- Required work:
Only the lines from the beginning of the data through the one with "doc.layers.add('R_Border', color=7, linetype='Continuous')" belong in the answer, each retyped exactly, with pictures left out.

- Source records:
****************

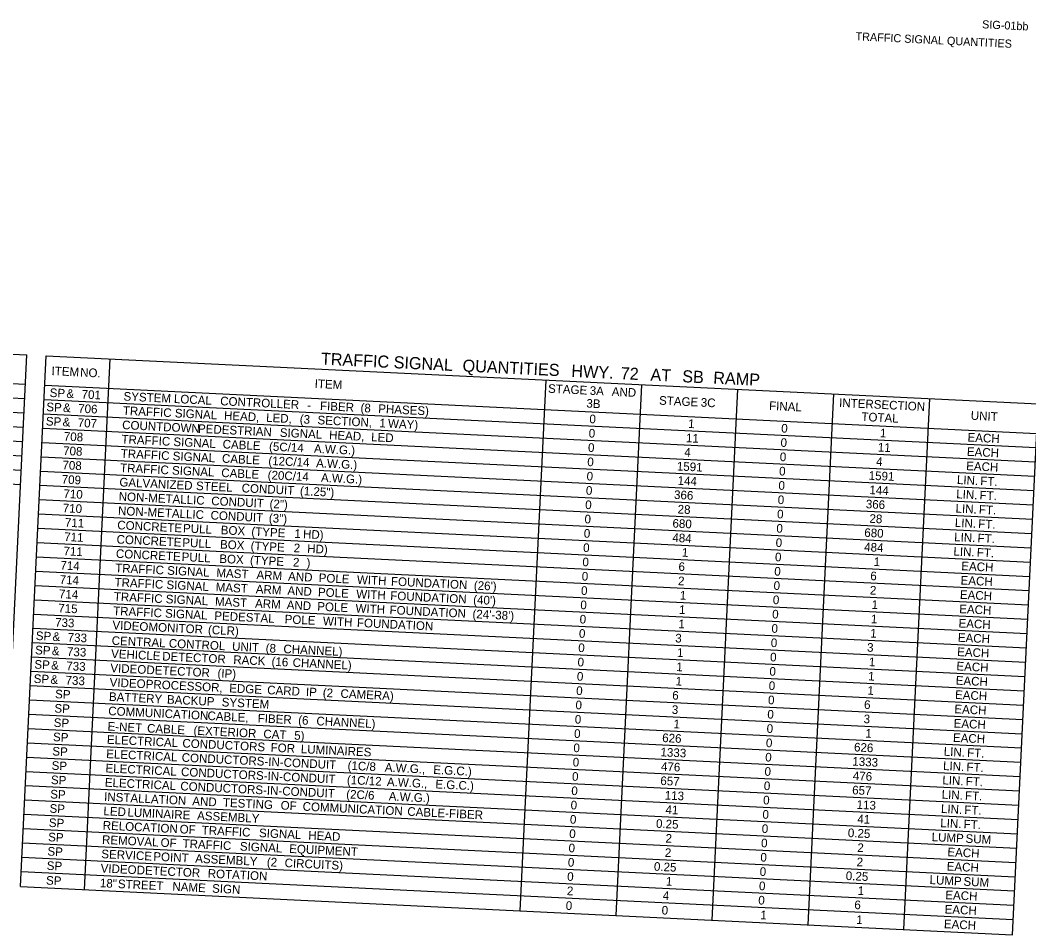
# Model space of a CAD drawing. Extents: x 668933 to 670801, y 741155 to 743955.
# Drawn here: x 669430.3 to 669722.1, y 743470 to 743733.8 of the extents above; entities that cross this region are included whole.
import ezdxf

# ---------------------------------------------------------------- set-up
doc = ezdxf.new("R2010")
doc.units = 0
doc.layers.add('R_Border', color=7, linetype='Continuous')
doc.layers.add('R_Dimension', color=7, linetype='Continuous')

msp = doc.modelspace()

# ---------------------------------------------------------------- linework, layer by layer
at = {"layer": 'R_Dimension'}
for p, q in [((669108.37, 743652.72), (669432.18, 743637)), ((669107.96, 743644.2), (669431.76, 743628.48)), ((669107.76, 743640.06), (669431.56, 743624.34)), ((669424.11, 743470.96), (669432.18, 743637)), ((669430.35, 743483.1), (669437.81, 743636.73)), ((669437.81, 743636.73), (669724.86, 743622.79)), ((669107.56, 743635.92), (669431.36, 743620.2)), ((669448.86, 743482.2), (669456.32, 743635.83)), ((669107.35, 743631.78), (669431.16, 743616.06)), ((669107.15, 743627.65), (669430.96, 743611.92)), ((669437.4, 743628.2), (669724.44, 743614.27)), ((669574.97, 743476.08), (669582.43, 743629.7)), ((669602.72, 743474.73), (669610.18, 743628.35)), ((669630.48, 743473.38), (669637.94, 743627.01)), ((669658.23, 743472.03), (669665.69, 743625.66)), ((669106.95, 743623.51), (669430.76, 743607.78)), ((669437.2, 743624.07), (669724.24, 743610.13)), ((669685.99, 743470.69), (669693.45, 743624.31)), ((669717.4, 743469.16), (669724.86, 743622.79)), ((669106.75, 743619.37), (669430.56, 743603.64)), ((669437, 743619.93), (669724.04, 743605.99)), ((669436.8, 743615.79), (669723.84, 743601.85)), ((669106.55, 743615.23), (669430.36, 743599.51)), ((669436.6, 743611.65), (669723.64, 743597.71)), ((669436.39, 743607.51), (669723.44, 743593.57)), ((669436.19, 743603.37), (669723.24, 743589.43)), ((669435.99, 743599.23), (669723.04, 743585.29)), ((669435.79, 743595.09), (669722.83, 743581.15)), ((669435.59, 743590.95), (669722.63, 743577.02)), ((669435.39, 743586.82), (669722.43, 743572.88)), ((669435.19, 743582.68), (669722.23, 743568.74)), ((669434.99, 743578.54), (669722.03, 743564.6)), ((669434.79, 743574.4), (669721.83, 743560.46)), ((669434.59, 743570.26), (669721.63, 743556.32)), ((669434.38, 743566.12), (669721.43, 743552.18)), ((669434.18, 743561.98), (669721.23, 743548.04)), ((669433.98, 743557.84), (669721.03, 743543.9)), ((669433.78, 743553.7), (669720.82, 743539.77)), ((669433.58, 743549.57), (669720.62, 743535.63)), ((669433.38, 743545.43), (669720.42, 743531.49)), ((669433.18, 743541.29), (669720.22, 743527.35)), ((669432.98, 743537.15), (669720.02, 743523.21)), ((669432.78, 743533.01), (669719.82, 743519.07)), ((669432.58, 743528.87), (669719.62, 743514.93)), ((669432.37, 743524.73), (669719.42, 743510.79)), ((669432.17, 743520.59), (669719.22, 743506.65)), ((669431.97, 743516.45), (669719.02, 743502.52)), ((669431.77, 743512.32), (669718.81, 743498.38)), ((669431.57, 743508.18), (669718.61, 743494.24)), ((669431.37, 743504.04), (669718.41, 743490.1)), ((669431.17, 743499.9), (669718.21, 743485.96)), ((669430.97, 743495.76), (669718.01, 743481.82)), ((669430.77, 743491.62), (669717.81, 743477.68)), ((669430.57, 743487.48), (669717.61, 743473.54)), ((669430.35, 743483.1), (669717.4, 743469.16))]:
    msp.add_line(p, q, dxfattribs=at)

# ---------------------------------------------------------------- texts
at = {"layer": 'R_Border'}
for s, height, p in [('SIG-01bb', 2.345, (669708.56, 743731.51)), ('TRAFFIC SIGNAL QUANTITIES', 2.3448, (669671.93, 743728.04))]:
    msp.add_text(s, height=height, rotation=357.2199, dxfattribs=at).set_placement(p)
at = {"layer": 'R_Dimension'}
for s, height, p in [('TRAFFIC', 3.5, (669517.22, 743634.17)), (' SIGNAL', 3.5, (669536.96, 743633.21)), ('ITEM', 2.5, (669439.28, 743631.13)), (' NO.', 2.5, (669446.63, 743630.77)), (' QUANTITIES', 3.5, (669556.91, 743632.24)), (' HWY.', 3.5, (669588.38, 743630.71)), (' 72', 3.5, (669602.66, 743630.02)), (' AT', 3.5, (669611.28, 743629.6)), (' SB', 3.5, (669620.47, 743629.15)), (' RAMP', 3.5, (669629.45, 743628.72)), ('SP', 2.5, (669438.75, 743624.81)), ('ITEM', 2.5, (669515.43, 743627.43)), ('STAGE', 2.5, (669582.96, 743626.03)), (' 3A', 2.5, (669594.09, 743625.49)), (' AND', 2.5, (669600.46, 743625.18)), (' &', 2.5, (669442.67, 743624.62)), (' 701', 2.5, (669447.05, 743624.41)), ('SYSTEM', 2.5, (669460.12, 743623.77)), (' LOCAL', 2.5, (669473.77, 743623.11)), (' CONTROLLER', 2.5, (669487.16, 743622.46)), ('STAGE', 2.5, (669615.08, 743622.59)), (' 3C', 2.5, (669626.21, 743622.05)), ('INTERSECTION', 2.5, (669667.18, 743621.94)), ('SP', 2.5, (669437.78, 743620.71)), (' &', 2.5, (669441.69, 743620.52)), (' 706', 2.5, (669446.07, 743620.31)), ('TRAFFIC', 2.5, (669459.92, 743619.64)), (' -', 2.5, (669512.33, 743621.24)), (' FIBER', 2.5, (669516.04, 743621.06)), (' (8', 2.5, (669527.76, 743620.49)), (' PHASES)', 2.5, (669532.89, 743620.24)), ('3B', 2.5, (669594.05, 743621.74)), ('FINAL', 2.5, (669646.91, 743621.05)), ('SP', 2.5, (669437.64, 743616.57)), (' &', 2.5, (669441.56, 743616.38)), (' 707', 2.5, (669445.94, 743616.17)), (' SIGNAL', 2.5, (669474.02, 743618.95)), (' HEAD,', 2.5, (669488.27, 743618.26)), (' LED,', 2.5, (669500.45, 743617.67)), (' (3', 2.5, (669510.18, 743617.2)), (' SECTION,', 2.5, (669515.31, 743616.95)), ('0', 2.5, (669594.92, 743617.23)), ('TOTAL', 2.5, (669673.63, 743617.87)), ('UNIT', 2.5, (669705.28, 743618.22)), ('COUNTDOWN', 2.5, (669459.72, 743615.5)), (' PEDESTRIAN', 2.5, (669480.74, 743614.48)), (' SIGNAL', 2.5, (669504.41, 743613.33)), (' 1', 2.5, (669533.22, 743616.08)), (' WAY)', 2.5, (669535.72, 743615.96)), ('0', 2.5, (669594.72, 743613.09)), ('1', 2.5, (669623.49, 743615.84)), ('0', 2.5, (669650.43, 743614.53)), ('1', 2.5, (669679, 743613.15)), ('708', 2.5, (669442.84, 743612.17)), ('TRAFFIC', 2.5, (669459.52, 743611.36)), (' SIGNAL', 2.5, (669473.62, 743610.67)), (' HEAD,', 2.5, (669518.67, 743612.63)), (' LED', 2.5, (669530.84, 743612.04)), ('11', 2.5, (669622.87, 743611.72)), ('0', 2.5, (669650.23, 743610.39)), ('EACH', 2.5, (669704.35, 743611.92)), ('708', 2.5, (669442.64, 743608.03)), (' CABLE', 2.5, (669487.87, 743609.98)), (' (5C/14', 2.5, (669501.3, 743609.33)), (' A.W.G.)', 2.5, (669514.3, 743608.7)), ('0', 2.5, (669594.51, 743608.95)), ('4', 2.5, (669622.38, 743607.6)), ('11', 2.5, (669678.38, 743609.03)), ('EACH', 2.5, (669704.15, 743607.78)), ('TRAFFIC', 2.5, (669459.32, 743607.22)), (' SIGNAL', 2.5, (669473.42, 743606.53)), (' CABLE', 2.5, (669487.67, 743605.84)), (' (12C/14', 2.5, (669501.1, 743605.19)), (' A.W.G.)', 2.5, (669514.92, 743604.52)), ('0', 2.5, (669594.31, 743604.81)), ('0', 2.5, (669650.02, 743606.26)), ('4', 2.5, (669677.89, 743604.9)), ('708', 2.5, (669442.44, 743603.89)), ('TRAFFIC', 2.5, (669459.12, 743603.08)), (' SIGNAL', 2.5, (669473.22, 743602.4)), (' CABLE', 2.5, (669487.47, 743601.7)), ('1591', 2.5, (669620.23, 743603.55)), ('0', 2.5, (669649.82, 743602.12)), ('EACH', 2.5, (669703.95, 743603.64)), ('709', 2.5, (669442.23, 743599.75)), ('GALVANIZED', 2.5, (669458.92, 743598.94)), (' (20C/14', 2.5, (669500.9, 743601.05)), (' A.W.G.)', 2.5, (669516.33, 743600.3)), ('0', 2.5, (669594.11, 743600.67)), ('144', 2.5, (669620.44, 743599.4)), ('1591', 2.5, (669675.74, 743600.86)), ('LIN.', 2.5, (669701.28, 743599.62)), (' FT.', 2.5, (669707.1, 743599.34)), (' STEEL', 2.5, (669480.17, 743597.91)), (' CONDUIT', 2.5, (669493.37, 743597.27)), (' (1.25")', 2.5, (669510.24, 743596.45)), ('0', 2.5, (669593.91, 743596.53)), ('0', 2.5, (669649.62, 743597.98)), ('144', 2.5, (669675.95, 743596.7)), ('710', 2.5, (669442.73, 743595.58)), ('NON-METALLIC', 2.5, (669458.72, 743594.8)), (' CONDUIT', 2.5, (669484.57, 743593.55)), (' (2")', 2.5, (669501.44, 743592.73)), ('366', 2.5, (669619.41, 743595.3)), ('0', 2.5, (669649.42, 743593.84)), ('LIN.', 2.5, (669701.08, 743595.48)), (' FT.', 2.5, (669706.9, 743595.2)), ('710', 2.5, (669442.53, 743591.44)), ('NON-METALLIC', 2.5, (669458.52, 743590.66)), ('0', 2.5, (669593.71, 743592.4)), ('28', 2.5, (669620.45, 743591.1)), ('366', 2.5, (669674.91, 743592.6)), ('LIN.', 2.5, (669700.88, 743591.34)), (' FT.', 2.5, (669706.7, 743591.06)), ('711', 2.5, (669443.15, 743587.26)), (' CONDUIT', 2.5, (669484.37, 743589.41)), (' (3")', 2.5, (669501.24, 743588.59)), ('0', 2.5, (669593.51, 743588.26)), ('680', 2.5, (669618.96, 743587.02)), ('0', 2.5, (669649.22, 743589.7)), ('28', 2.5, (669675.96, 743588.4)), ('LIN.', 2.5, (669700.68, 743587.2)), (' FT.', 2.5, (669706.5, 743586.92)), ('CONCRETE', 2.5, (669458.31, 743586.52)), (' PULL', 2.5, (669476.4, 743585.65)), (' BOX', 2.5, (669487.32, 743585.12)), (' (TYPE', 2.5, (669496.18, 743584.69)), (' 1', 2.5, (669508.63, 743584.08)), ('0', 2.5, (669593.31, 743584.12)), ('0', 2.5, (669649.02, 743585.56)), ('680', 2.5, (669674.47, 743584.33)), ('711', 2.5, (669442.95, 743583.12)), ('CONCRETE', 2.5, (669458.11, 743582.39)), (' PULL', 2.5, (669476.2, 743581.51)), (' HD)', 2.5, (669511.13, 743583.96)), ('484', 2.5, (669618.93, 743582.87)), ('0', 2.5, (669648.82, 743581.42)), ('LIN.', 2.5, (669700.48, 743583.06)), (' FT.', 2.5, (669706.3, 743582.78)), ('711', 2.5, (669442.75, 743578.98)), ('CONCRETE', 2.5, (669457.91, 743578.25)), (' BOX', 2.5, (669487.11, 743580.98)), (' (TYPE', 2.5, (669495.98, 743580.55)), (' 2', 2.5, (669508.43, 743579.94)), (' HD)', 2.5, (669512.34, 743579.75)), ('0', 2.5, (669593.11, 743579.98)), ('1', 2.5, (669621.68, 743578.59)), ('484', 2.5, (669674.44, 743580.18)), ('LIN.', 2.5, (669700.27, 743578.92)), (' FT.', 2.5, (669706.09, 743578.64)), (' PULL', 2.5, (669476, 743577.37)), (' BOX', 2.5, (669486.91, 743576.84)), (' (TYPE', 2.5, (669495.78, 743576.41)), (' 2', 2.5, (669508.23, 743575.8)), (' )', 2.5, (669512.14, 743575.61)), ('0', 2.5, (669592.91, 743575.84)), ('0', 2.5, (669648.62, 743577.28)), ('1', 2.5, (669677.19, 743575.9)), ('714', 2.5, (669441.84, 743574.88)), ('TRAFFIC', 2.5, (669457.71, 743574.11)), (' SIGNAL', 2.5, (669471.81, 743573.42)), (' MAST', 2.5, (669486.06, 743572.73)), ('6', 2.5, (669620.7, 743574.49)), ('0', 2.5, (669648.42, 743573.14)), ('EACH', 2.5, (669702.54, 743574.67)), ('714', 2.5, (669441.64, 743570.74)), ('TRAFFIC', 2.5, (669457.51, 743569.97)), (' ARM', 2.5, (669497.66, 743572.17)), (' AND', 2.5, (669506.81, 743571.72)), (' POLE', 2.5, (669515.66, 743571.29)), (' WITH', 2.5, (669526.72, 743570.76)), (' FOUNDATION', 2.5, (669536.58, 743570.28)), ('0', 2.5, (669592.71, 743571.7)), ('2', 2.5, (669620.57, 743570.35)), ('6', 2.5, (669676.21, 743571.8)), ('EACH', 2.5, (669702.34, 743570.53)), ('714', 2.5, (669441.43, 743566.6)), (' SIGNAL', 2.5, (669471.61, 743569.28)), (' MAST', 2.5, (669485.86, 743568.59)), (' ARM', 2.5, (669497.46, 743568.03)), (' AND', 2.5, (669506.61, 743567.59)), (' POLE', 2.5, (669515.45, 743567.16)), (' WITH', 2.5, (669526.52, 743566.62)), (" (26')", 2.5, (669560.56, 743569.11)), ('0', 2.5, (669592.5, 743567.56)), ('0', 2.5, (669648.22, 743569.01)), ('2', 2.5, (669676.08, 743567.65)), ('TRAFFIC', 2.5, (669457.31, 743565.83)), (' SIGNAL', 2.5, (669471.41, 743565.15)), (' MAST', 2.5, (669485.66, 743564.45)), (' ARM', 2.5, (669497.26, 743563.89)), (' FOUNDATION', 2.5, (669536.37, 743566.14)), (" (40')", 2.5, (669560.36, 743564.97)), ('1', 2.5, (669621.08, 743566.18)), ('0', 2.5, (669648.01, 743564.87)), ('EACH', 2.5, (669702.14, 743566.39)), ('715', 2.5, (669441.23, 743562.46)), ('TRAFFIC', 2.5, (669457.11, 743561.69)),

****************

- Task response:
# Model space of a CAD drawing. Extents: x 668933 to 670801, y 741155 to 743955.
# Drawn here: x 669430.3 to 669722.1, y 743470 to 743733.8 of the extents above; entities that cross this region are included whole.
import ezdxf

# ---------------------------------------------------------------- set-up
doc = ezdxf.new("R2010")
doc.units = 0
doc.layers.add('R_Border', color=7, linetype='Continuous')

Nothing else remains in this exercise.